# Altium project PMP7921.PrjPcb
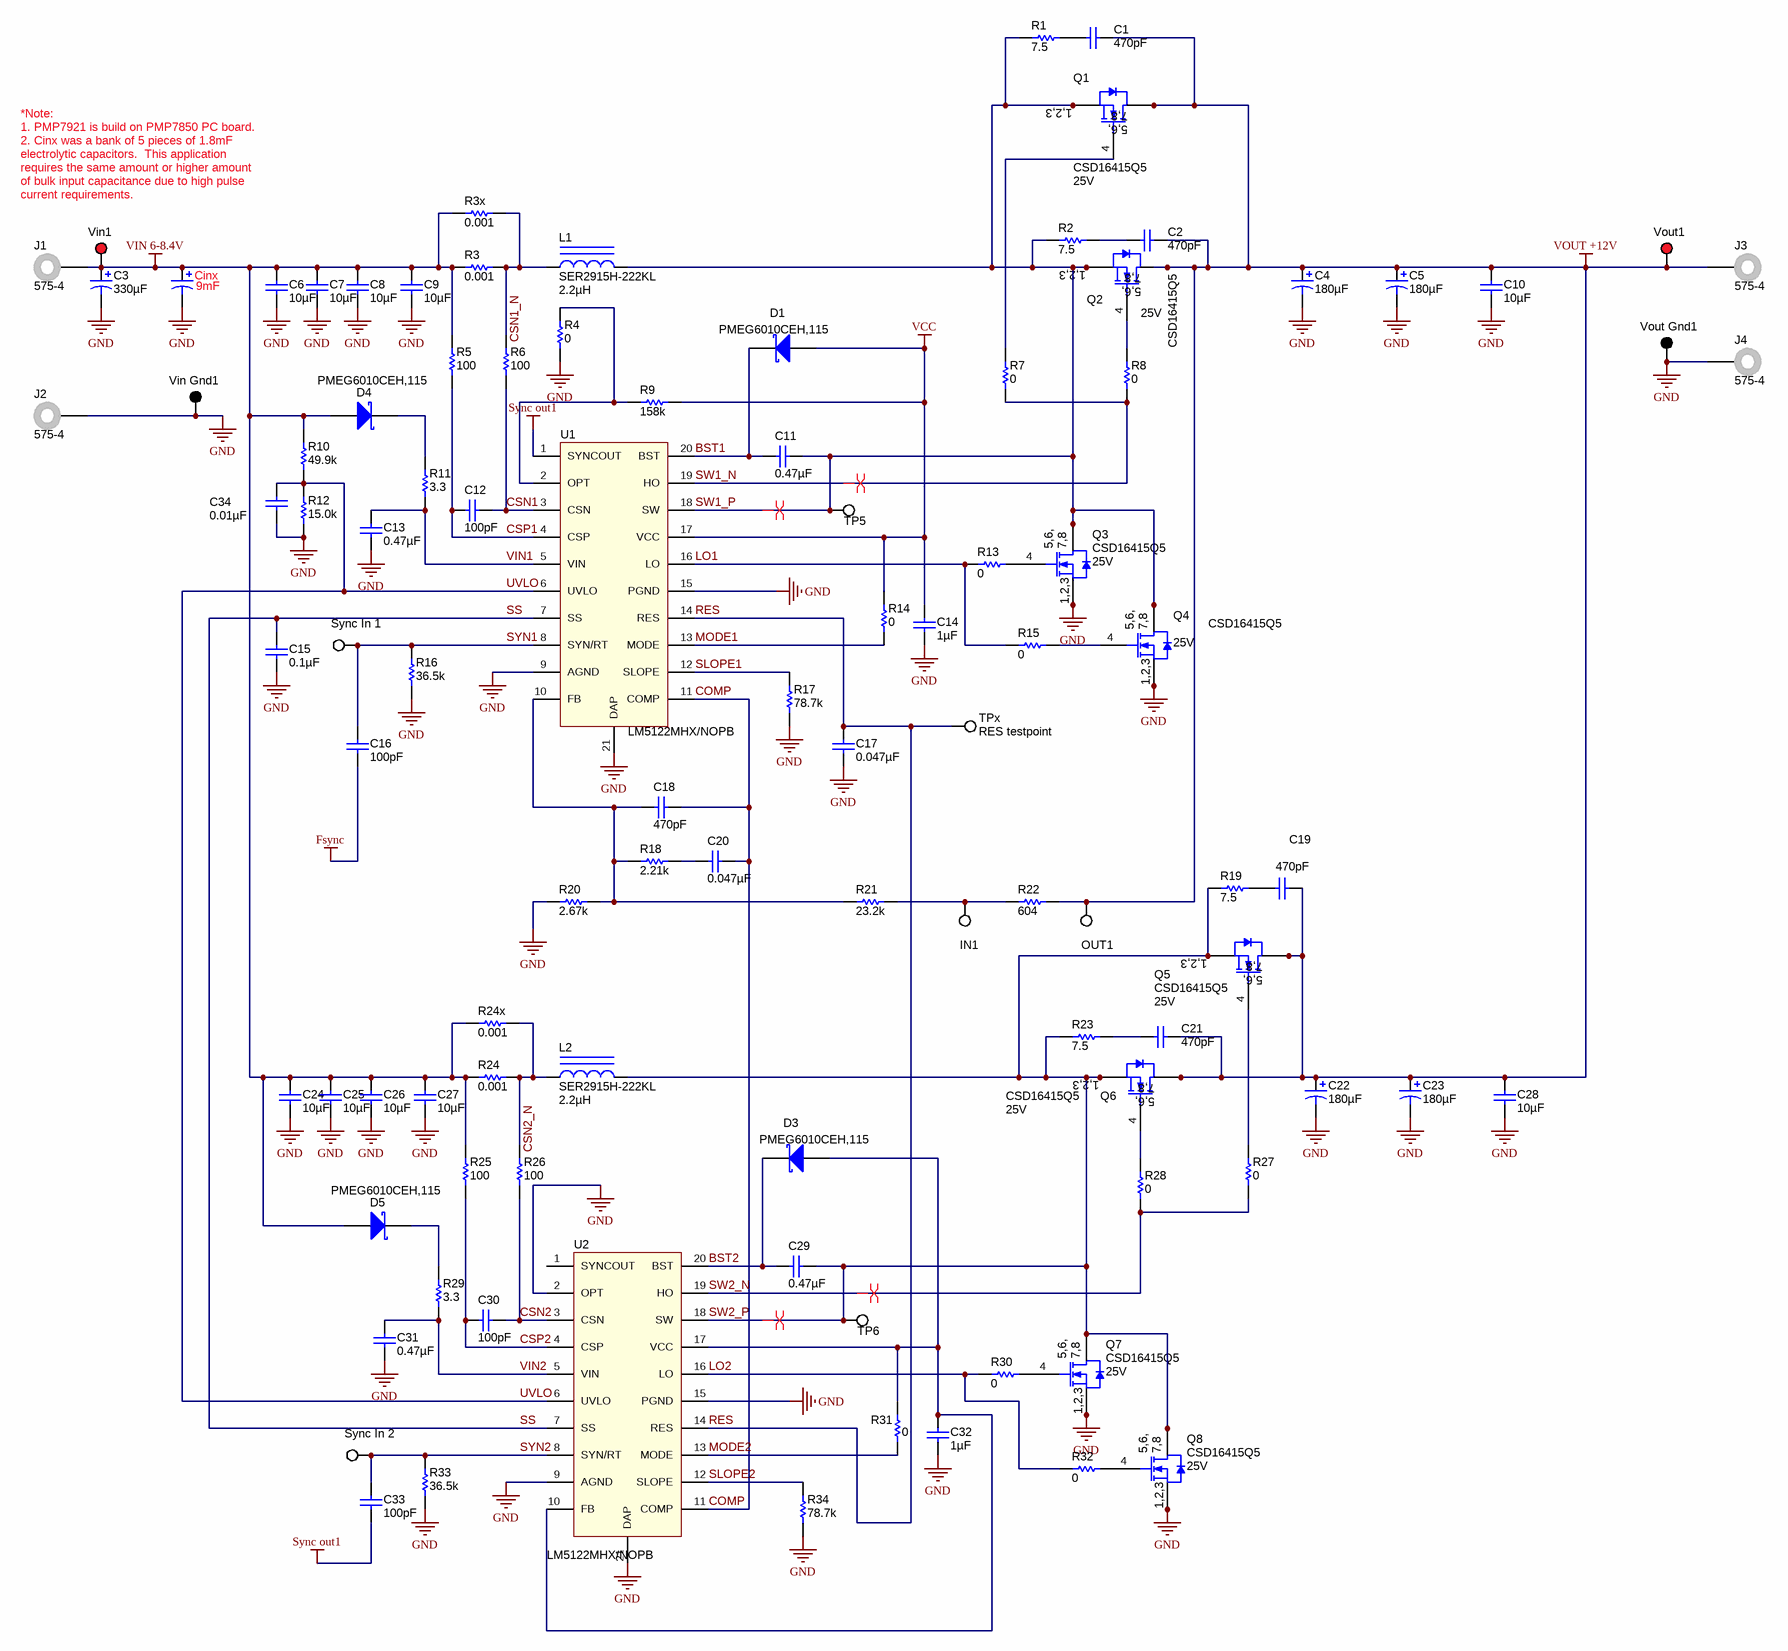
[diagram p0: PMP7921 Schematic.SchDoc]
TID: PMP7921; TechSupport: http://www.ti.com/support; SCH_Rev: 1; PRJ_Title: LM5122 Dual Phase Boost; PRJ_Number: PMP7921; PRJ_Engineer: Hrag Kasparian; PRJ_Customer: Public Release; PCB_Rev: B; PCB_Layout: Hrag Kasparian; EVM_Orderable: N/A; CopyrightYear: 2015
2 sheets, 110 parts. Net scope: global (net labels, ports and power ports of the same name join across sheets).
Board file: PMP7850 REVB.PcbDoc
Sheets:
  PMP7921 Schematic.SchDoc
  PMP7921_Hardware.SchDoc

## Sheet PMP7921 Schematic.SchDoc
size 558 x 431 mm; DocumentNumber: 1; SheetNumber: 1; SheetTotal: 2; PageSetup: Record=PageOptions¦CenterHorizontal=True¦CenterVertical=True¦PrintScale=0.70¦XCorrection=1.00¦YCorrection=1.00¦PrintKind=1¦BorderSize=5000000¦LeftOffset=0¦BottomOffset=0¦Orientation=2¦PaperLength=1000¦PaperWidth=1000¦Scale=100¦PaperSource=15¦PrintQuality=600¦MediaType=1¦DitherType=10¦PaperKind=11x17¦PrintScaleMode=1

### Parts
C1  ValueDisplayed: 470pF  [0805_HV]  (hidden comment: GRM2165C2A471JA01D)
C2  ValueDisplayed: 470pF  [0805_HV]  (hidden comment: GRM2165C2A471JA01D)
C3  ValueDisplayed: 330µF  [SVPS_F8]  (hidden comment: 10SVPS330M)
C4  ValueDisplayed: 180µF  [SVP_F8]  (hidden comment: 16SVP180MX)
C5  ValueDisplayed: 180µF  [SVP_F8]  (hidden comment: 16SVP180MX)
C6  ValueDisplayed: 10µF  [1206]  (hidden comment: C3216X5R1C106M)
C7  ValueDisplayed: 10µF  [1206]  (hidden comment: C3216X5R1C106M)
C8  ValueDisplayed: 10µF  [1206]  (hidden comment: C3216X5R1C106M)
C9  ValueDisplayed: 10µF  [1206]  (hidden comment: C3216X5R1C106M)
C10  ValueDisplayed: 10µF  [1206]  (hidden comment: C3216X5R1C106M)
C11  ValueDisplayed: 0.47µF  [0603_HV]  (hidden comment: GRM188R71E474KA12D)
C12  ValueDisplayed: 100pF  [0603_HV]  (hidden comment: GRM1885C1H101JA01D)
C13  ValueDisplayed: 0.47µF  [0603_HV]  (hidden comment: GRM188R71E474KA12D)
C14  ValueDisplayed: 1µF  [0603_HV]  (hidden comment: GRM188R71E105KA12D)
C15  ValueDisplayed: 0.1µF  [0603_HV]  (hidden comment: GRM188R71E104KA01D)
C16  ValueDisplayed: 100pF  [0603_HV]  (hidden comment: GRM1885C1H101JA01D)
C17  ValueDisplayed: 0.047µF  [0603_HV]  (hidden comment: GRM188R71E473KA01D)
C18  ValueDisplayed: 470pF  [0603]  (hidden comment: 06035A471JAT2A)
C19  ValueDisplayed: 470pF  [0805_HV]  (hidden comment: GRM2165C2A471JA01D)
C20  ValueDisplayed: 0.047µF  [0603]  (hidden comment: 06033C473JAT2A)
C21  ValueDisplayed: 470pF  [0805_HV]  (hidden comment: GRM2165C2A471JA01D)
C22  ValueDisplayed: 180µF  [SVP_F8]  (hidden comment: 16SVP180MX)
C23  ValueDisplayed: 180µF  [SVP_F8]  (hidden comment: 16SVP180MX)
C24  ValueDisplayed: 10µF  [1206]  (hidden comment: C3216X5R1C106M)
C25  ValueDisplayed: 10µF  [1206]  (hidden comment: C3216X5R1C106M)
C26  ValueDisplayed: 10µF  [1206]  (hidden comment: C3216X5R1C106M)
C27  ValueDisplayed: 10µF  [1206]  (hidden comment: C3216X5R1C106M)
C28  ValueDisplayed: 10µF  [1206]  (hidden comment: C3216X5R1C106M)
C29  ValueDisplayed: 0.47µF  [0603_HV]  (hidden comment: GRM188R71E474KA12D)
C30  ValueDisplayed: 100pF  [0603_HV]  (hidden comment: GRM1885C1H101JA01D)
C31  ValueDisplayed: 0.47µF  [0603_HV]  (hidden comment: GRM188R71E474KA12D)
C32  ValueDisplayed: 1µF  [0603_HV]  (hidden comment: GRM188R71E105KA12D)
C33  ValueDisplayed: 100pF  [0603_HV]  (hidden comment: GRM1885C1H101JA01D)
C34  ValueDisplayed: 0.01µF  [0603_HV]  (hidden comment: GRM188R71C103KA01D)
Cinx  9mF  [TBD]
D1  PMEG6010CEH,115  [SOD-123F]
D3  PMEG6010CEH,115  [SOD-123F]
D4  PMEG6010CEH,115  [SOD-123F]
D5  PMEG6010CEH,115  [SOD-123F]
IN1  5002  [Keystone5002]  (value not drawn)
J1  575-4  [Keystone_575-4]
J2  575-4  [Keystone_575-4]
J3  575-4  [Keystone_575-4]
J4  575-4  [Keystone_575-4]
L1  SER2915H-222KL  ValueDisplayed: 2.2µH  [SER2915]
L2  SER2915H-222KL  ValueDisplayed: 2.2µH  [SER2915]
OUT1  5002  [Keystone5002]  (value not drawn)
Q1  CSD16415Q5  value 25V  [Q5A WITH VIAS]
Q2  CSD16415Q5  value 25V  [Q5A WITH VIAS]
Q3  CSD16415Q5  value 25V  [Q5A WITH VIAS]
Q4  CSD16415Q5  value 25V  [Q5A WITH VIAS]
Q5  CSD16415Q5  value 25V  [Q5A WITH VIAS]
Q6  CSD16415Q5  value 25V  [Q5A WITH VIAS]
Q7  CSD16415Q5  value 25V  [Q5A WITH VIAS]
Q8  CSD16415Q5  value 25V  [Q5A WITH VIAS]
R1  value 7.5  [2010M]  (hidden comment: ERJ-12ZYJ7R5U)
R2  value 7.5  [2010M]  (hidden comment: ERJ-12ZYJ7R5U)
R3  value 0.001  [2512M]  (hidden comment: ERJ-M1WTF1M0U)
R3x  value 0.001  [2512M]  (hidden comment: ERJ-M1WTF1M0U)
R4  value 0  [0603_HV]  (hidden comment: ERJ-3GEY0R00V)
R5  value 100  [0603_HV]  (hidden comment: CRCW0603100RFKEA)
R6  value 100  [0603_HV]  (hidden comment: CRCW0603100RFKEA)
R7  value 0  [0603_HV]  (hidden comment: ERJ-3GEY0R00V)
R8  value 0  [0603_HV]  (hidden comment: ERJ-3GEY0R00V)
R9  value 158k  [0603_HV]  (hidden comment: CRCW0603158KFKEA)
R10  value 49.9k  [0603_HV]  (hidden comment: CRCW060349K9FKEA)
+ + + +
> HOW TO COMPLETE THIS TASK
The expected output is every line from the material above where "SchDoc" can be found.

> ANSWER SECTION
[diagram p0: PMP7921 Schematic.SchDoc]
  PMP7921 Schematic.SchDoc
  PMP7921_Hardware.SchDoc
## Sheet PMP7921 Schematic.SchDoc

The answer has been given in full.